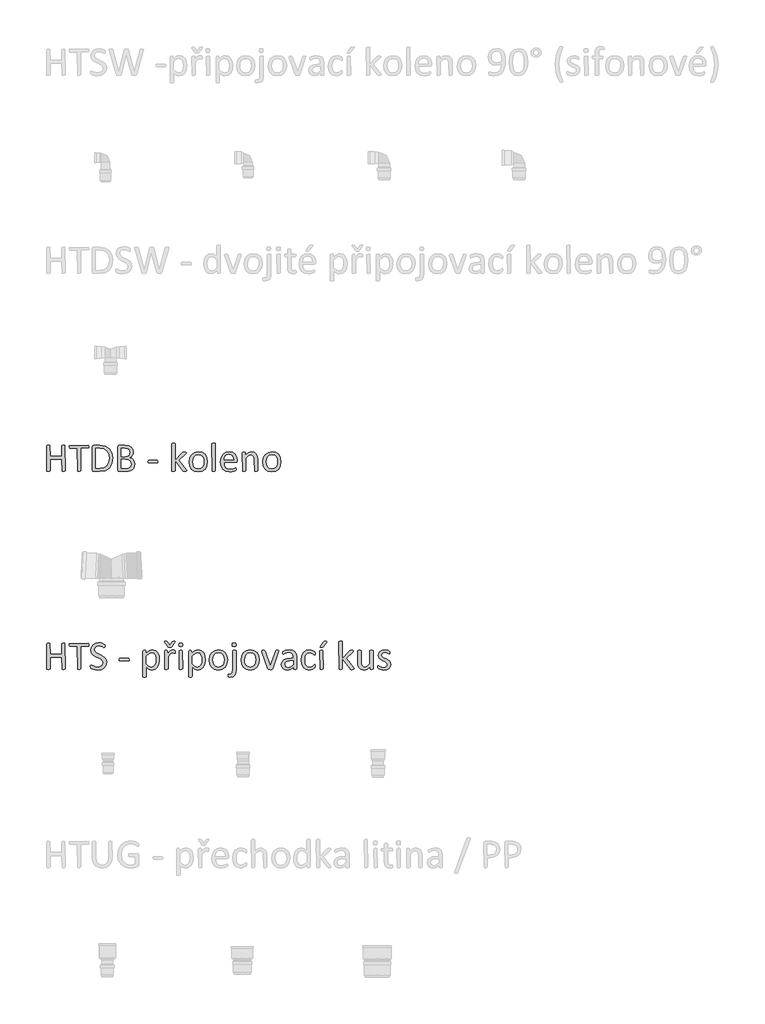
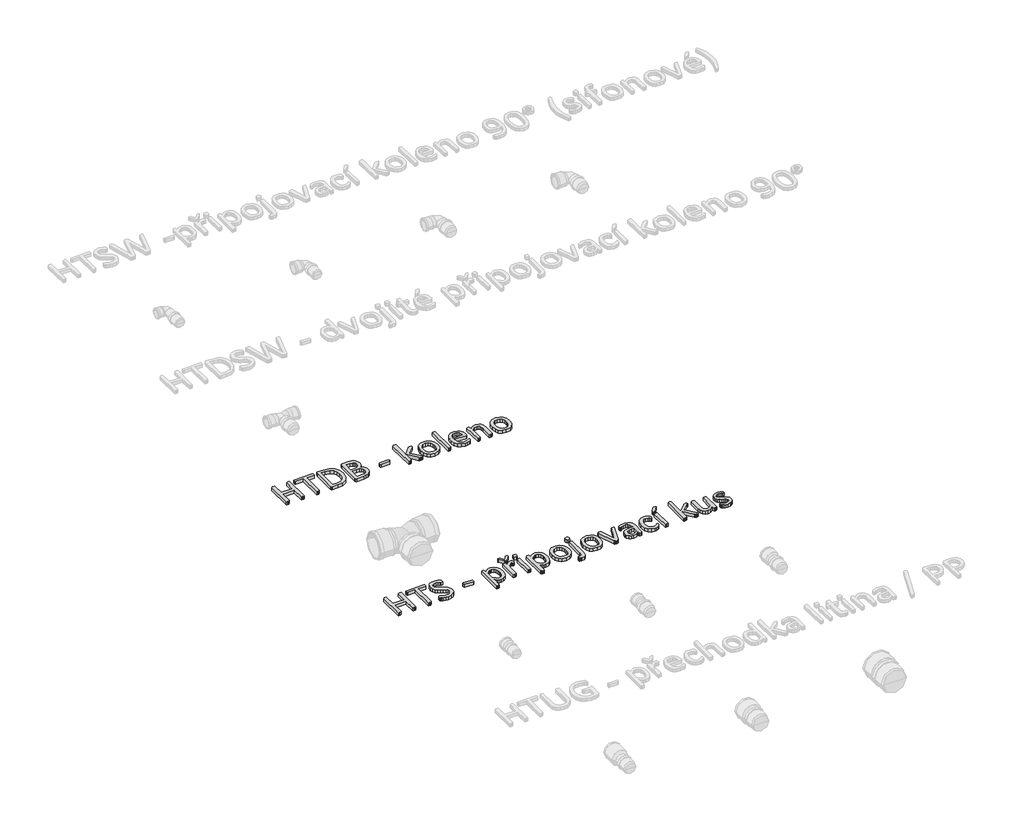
# One storey, part 4 of 26: 2 proxies.
"""IFC4 building model written with IfcOpenShell, lengths in millimetres."""

from ifc_helpers import new_model, si_unit, origin, origin_with_axes, place, context, project, spatial, polyline, outline, extrude, element, save

model = new_model("IFC4")

# Units and contexts
model_context = context("Model", 3, world=origin())
ifc_project = project(units=[si_unit("LENGTHUNIT", "METRE", prefix="MILLI")], contexts=[model_context])

# Site, building, storey
site = spatial("IfcSite", under=ifc_project)
building = spatial("IfcBuilding", under=site)
storey = spatial("IfcBuildingStorey", under=building, Name="Podlaží 1", Elevation=0.0)

# Proxies
placement = place(None, origin())
element("IfcBuildingElementProxy", 1, Name="120mm Arial", ObjectType="120mm Arial", at=placement, inside=storey, context=model_context, shape_type="SweptSolid", body=[
    extrude(outline(polyline([(-20465.0657483, -3951.9493003), (-20469.2817655, -3954.6815689), (-20473.1358927, -3954.9167974), (-20477.1166815, -3954.6815689), (-20479.5775327, -3954.1387341), (-20481.2784151, -3899.3305111), (-20534.5486061, -3899.3305111), (-20534.5486061, -3951.9854893), (-20538.7465288, -3954.6815689), (-20542.6549395, -3954.9167974), (-20546.5271613, -3954.6815689), (-20549.0603905, -3954.1206396), (-20550.7612729, -3837.4473409), (-20546.5271613, -3834.7150723), (-20542.6549395, -3834.4798438), (-20538.7465288, -3834.7150723), (-20536.2494886, -3835.2760016), (-20534.5486061, -3885.4339396), (-20481.2784151, -3885.4339396), (-20481.2784151, -3837.4473409), (-20477.1166815, -3834.7150723), (-20473.1358927, -3834.4798438), (-20469.2817655, -3834.7150723), (-20466.7666308, -3835.2760016), (-20465.0657483, -3951.9493003)])), origin_with_axes(), (0.0, 0.0, 1.0), 15.0),
    extrude(outline(polyline([(-20356.2092711, -3841.5366966), (-20356.390216, -3844.6670441), (-20356.9873343, -3846.8021944), (-20393.2667952, -3848.3764154), (-20393.2667952, -3951.9493003), (-20397.4647179, -3954.6815689), (-20401.3731287, -3954.9167974), (-20405.2453504, -3954.6815689), (-20407.7785796, -3954.1206396), (-20409.4794621, -3848.3764154), (-20443.3885442, -3848.3764154), (-20446.3017578, -3844.6670441), (-20446.5369862, -3841.5366966), (-20446.3017578, -3838.3339711), (-20445.686545, -3836.0902538), (-20359.3939021, -3834.4798438), (-20357.0054288, -3836.0902538), (-20356.390216, -3838.3339711), (-20356.2092711, -3841.5366966)])), origin_with_axes(), (0.0, 0.0, 1.0), 15.0),
    extrude(outline(polyline([(-20247.3527939, -3892.9250602), (-20251.3516771, -3920.2477464), (-20263.0407204, -3939.6088553), (-20281.8951833, -3951.0988591), (-20308.5121843, -3954.9167974), (-20334.0254212, -3954.9167974), (-20338.0966824, -3953.4692378), (-20339.9966043, -3948.4027794), (-20339.9966043, -3840.9938618), (-20338.0966824, -3835.9274034), (-20334.0254212, -3834.4798438), (-20306.7389239, -3834.4798438), (-20280.3028678, -3838.5330105), (-20262.1902791, -3850.1677703), (-20251.1164487, -3868.5517765), (-20247.3527939, -3892.9250602)]), holes=[polyline([(-20263.5654607, -3893.6488399), (-20266.0082174, -3875.6629127), (-20273.644094, -3861.2596953), (-20286.8168858, -3851.7781803), (-20307.3541367, -3848.3764154), (-20323.7839374, -3848.3764154), (-20323.7839374, -3941.0202258), (-20307.1731918, -3941.0202258), (-20287.5768545, -3938.1612957), (-20274.2593068, -3929.421655), (-20266.2434458, -3914.6565477), (-20263.5654607, -3893.6488399)])]), origin_with_axes(), (0.0, 0.0, 1.0), 15.0),
    extrude(outline(polyline([(-20145.4446024, -3920.8629592), (-20146.8740675, -3931.1768209), (-20150.8910452, -3939.6812332), (-20157.1155512, -3946.2857236), (-20165.3304516, -3951.0626701), (-20175.1195729, -3953.9577892), (-20187.0619391, -3954.9167974), (-20218.2930361, -3954.9167974), (-20222.2919194, -3953.4692378), (-20224.1918413, -3948.4027794), (-20224.1918413, -3840.9938618), (-20222.2738249, -3835.9274034), (-20218.2206582, -3834.4798438), (-20190.8617829, -3834.4798438), (-20173.1472731, -3836.5607107), (-20161.6572692, -3842.6042717), (-20154.727078, -3852.3391096), (-20152.3928882, -3865.38524), (-20153.4242744, -3873.6906128), (-20156.4460549, -3881.018883), (-20161.4763243, -3887.0262551), (-20168.4246101, -3891.3689337), (-20159.4497409, -3894.7164151), (-20152.1757543, -3900.9228266), (-20147.2540518, -3909.7348453), (-20145.4446024, -3920.8629592)]), holes=[polyline([(-20168.605555, -3867.5565793), (-20169.8178861, -3859.5588128), (-20173.6177299, -3853.4971573), (-20180.3850708, -3849.6973135), (-20191.4408067, -3848.3764154), (-20207.9791744, -3848.3764154), (-20207.9791744, -3887.7500348), (-20189.7761133, -3887.7500348), (-20179.7517635, -3886.1034359), (-20173.436785, -3881.6883793), (-20169.7636027, -3875.2105503), (-20168.605555, -3867.5565793)]), polyline([(-20161.6572692, -3921.0077152), (-20163.3581517, -3911.6709562), (-20168.3341376, -3904.9036153), (-20176.549038, -3900.7418817), (-20188.9799555, -3899.3305111), (-20207.9791744, -3899.3305111), (-20207.9791744, -3941.0202258), (-20184.9267888, -3941.0202258), (-20175.4090849, -3939.7355167), (-20168.2617596, -3935.9356729), (-20163.4124352, -3929.6749779), (-20161.6572692, -3921.0077152)])]), origin_with_axes(), (0.0, 0.0, 1.0), 15.0),
    extrude(outline(polyline([(-20038.9042205, -3909.7167508), (-20039.7546617, -3914.2765633), (-20042.2336074, -3915.5431779), (-20081.8243608, -3915.5431779), (-20084.3756844, -3914.2403744), (-20085.2261257, -3909.7167508), (-20084.3756844, -3905.2293162), (-20081.8243608, -3903.9627016), (-20042.2336074, -3903.9627016), (-20039.1394489, -3907.0025767), (-20038.9042205, -3909.7167508)])), origin_with_axes(), (0.0, 0.0, 1.0), 15.0),
    extrude(outline(polyline([(-19906.8867906, -3951.9854893), (-19910.9580518, -3954.7358524), (-19914.9569351, -3954.9167974), (-19919.0824797, -3954.7720414), (-19921.8328429, -3954.3196791), (-19923.6422923, -3953.4149543), (-19924.9089069, -3951.9854893), (-19960.1569816, -3906.4235529), (-19960.1569816, -3952.0940563), (-19964.2825263, -3954.7358524), (-19968.299504, -3954.9167974), (-19972.2441038, -3954.7358524), (-19974.741144, -3954.1749231), (-19976.3696484, -3828.1829599), (-19972.2441038, -3825.3964077), (-19968.299504, -3825.2154628), (-19964.2825263, -3825.3964077), (-19961.8397696, -3825.9573371), (-19960.5550605, -3826.8982508), (-19960.1569816, -3904.3245915), (-19927.9487819, -3870.0898085), (-19926.3383719, -3868.5879654), (-19924.3117886, -3867.5927683), (-19921.5252365, -3867.0499334), (-19917.6349202, -3866.9051775), (-19913.6541315, -3867.0499334), (-19911.0666188, -3867.5022958), (-19909.6371538, -3868.316548), (-19909.8361932, -3871.8449744), (-19911.953249, -3874.3962981), (-19943.9443148, -3904.2160246), (-19909.1666969, -3947.6789997), (-19907.411531, -3950.1941344), (-19906.8867906, -3951.9854893)])), origin_with_axes(), (0.0, 0.0, 1.0), 15.0),
    extrude(outline(polyline([(-19811.926885, -3910.0062627), (-19814.6048701, -3928.9873871), (-19822.6207311, -3943.9334394), (-19835.9744678, -3953.7225607), (-19854.5575134, -3957.2328926), (-19872.4710626, -3954.1387341), (-19885.2095866, -3945.1457705), (-19892.8092741, -3930.8149311), (-19895.3063143, -3911.7071452), (-19892.6645182, -3892.7260207), (-19884.7029407, -3877.798063), (-19871.4034875, -3868.0632251), (-19852.7842529, -3864.5890822), (-19834.8526092, -3867.6832407), (-19822.1140852, -3876.6762044), (-19814.4782087, -3891.0070438), (-19811.926885, -3910.0062627)]), holes=[polyline([(-19828.1395518, -3911.0919324), (-19829.3880719, -3898.5162589), (-19833.4955221, -3888.1300192), (-19841.2218711, -3881.0731665), (-19853.3994657, -3878.4856538), (-19864.9618475, -3880.8560325), (-19872.923425, -3887.5509954), (-19877.57371, -3897.7924791), (-19879.0936475, -3910.7300425), (-19877.8451274, -3923.3780939), (-19873.7014882, -3933.7281446), (-19865.9208557, -3940.7488084), (-19853.7613556, -3943.3363211), (-19842.2351628, -3940.9659423), (-19834.2193019, -3934.3252629), (-19829.6052058, -3924.1199682), (-19828.1395518, -3911.0919324)])]), origin_with_axes(), (0.0, 0.0, 1.0), 15.0),
    extrude(outline(polyline([(-19774.8693608, -3952.0578673), (-19778.9949055, -3954.7358524), (-19783.0118832, -3954.9167974), (-19786.956483, -3954.7358524), (-19789.4535232, -3954.1749231), (-19791.0820276, -3828.1829599), (-19786.956483, -3825.3964077), (-19783.0118832, -3825.2154628), (-19778.9949055, -3825.3964077), (-19776.5521488, -3825.9573371), (-19774.8693608, -3952.0578673)])), origin_with_axes(), (0.0, 0.0, 1.0), 15.0),
    extrude(outline(polyline([(-19675.2772646, -3906.6044978), (-19677.0686196, -3911.7071452), (-19681.1760698, -3913.2270827), (-19735.4957414, -3913.2270827), (-19734.1386543, -3926.6170084), (-19729.6331253, -3936.8223031), (-19721.4182249, -3943.3725101), (-19709.0415909, -3945.6524163), (-19698.7639181, -3944.5848412), (-19690.9470966, -3942.1782734), (-19685.5368429, -3939.7717057), (-19682.3341174, -3938.7041305), (-19680.0361166, -3941.5992496), (-19679.9094552, -3944.2410458), (-19679.9999276, -3946.1771567), (-19684.4511732, -3951.5693159), (-19690.8023407, -3954.0663561), (-19699.8495878, -3956.2557899), (-19710.8148513, -3957.2328926), (-19728.4931721, -3954.3377735), (-19741.2497906, -3945.7247943), (-19749.0666121, -3931.3758604), (-19751.7084082, -3911.3452553), (-19748.9399506, -3891.8032015), (-19740.9602787, -3877.1104722), (-19728.3665107, -3867.8279967), (-19711.828143, -3864.5890822), (-19695.1812083, -3867.7194297), (-19683.8721494, -3876.151464), (-19677.3581315, -3888.5823816), (-19675.2772646, -3903.8179457), (-19675.2772646, -3906.6044978)]), holes=[polyline([(-19691.4899315, -3901.6466064), (-19692.66155, -3891.0206147), (-19696.6830513, -3882.9549939), (-19703.4549158, -3877.8659174), (-19712.8776236, -3876.1695585), (-19722.521989, -3878.2685199), (-19729.4521803, -3883.8597186), (-19733.7767645, -3891.9841465), (-19735.4957414, -3901.6466064), (-19691.4899315, -3901.6466064)])]), origin_with_axes(), (0.0, 0.0, 1.0), 15.0),
    extrude(outline(polyline([(-19580.317359, -3952.0578673), (-19584.4429037, -3954.7358524), (-19588.3875034, -3954.9167974), (-19592.4044811, -3954.7358524), (-19594.8472378, -3954.1930176), (-19596.5300258, -3903.7093787), (-19597.597601, -3892.3460364), (-19600.6917595, -3884.9091992), (-19605.9572573, -3880.1322528), (-19613.4302834, -3878.4856538), (-19624.4136414, -3882.520726), (-19635.9036452, -3894.3726197), (-19635.9036452, -3952.0578673), (-19640.0291899, -3954.7358524), (-19644.0461676, -3954.9167974), (-19647.9907674, -3954.7358524), (-19650.4878076, -3954.1930176), (-19652.116312, -3869.7279186), (-19648.3888462, -3867.0499334), (-19644.7337584, -3866.9051775), (-19641.1510485, -3867.0499334), (-19638.9435203, -3867.5927683), (-19637.4597717, -3880.6208041), (-19623.6174836, -3868.4432095), (-19609.7028176, -3864.5890822), (-19595.878624, -3867.4118233), (-19586.7951879, -3874.9572274), (-19581.819202, -3886.0129634), (-19580.317359, -3901.2485275), (-19580.317359, -3952.0578673)])), origin_with_axes(), (0.0, 0.0, 1.0), 15.0),
    extrude(outline(polyline([(-19473.776977, -3910.0062627), (-19476.4549622, -3928.9873871), (-19484.4708231, -3943.9334394), (-19497.8245598, -3953.7225607), (-19516.4076054, -3957.2328926), (-19534.3211547, -3954.1387341), (-19547.0596786, -3945.1457705), (-19554.6593662, -3930.8149311), (-19557.1564064, -3911.7071452), (-19554.5146102, -3892.7260207), (-19546.5530328, -3877.798063), (-19533.2535795, -3868.0632251), (-19514.634345, -3864.5890822), (-19496.7027012, -3867.6832407), (-19483.9641773, -3876.6762044), (-19476.3283007, -3891.0070438), (-19473.776977, -3910.0062627)]), holes=[polyline([(-19489.9896438, -3911.0919324), (-19491.2381639, -3898.5162589), (-19495.3456141, -3888.1300192), (-19503.0719632, -3881.0731665), (-19515.2495578, -3878.4856538), (-19526.8119396, -3880.8560325), (-19534.773517, -3887.5509954), (-19539.423802, -3897.7924791), (-19540.9437396, -3910.7300425), (-19539.6952195, -3923.3780939), (-19535.5515803, -3933.7281446), (-19527.7709478, -3940.7488084), (-19515.6114477, -3943.3363211), (-19504.0852548, -3940.9659423), (-19496.0693939, -3934.3252629), (-19491.4552979, -3924.1199682), (-19489.9896438, -3911.0919324)])]), origin_with_axes(), (0.0, 0.0, 1.0), 15.0),
])
element("IfcBuildingElementProxy", 2, Name="120mm Arial", ObjectType="120mm Arial", at=placement, inside=storey, context=model_context, shape_type="SweptSolid", body=[
    extrude(outline(polyline([(-20465.0657483, -4861.9493003), (-20469.2817655, -4864.6815689), (-20473.1358927, -4864.9167974), (-20477.1166815, -4864.6815689), (-20479.5775327, -4864.1387341), (-20481.2784151, -4809.3305111), (-20534.5486061, -4809.3305111), (-20534.5486061, -4861.9854893), (-20538.7465288, -4864.6815689), (-20542.6549395, -4864.9167974), (-20546.5271613, -4864.6815689), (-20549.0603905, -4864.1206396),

== YOUR ASSIGNMENT ==
Start at the top of the entries and repeat each line exactly, ending at the line that contains "# Units and contexts". Pictures are not part of the copy.

== EXERCISE RESULT ==
# One storey, part 4 of 26: 2 proxies.
"""IFC4 building model written with IfcOpenShell, lengths in millimetres."""

from ifc_helpers import new_model, si_unit, origin, origin_with_axes, place, context, project, spatial, polyline, outline, extrude, element, save

model = new_model("IFC4")

# Units and contexts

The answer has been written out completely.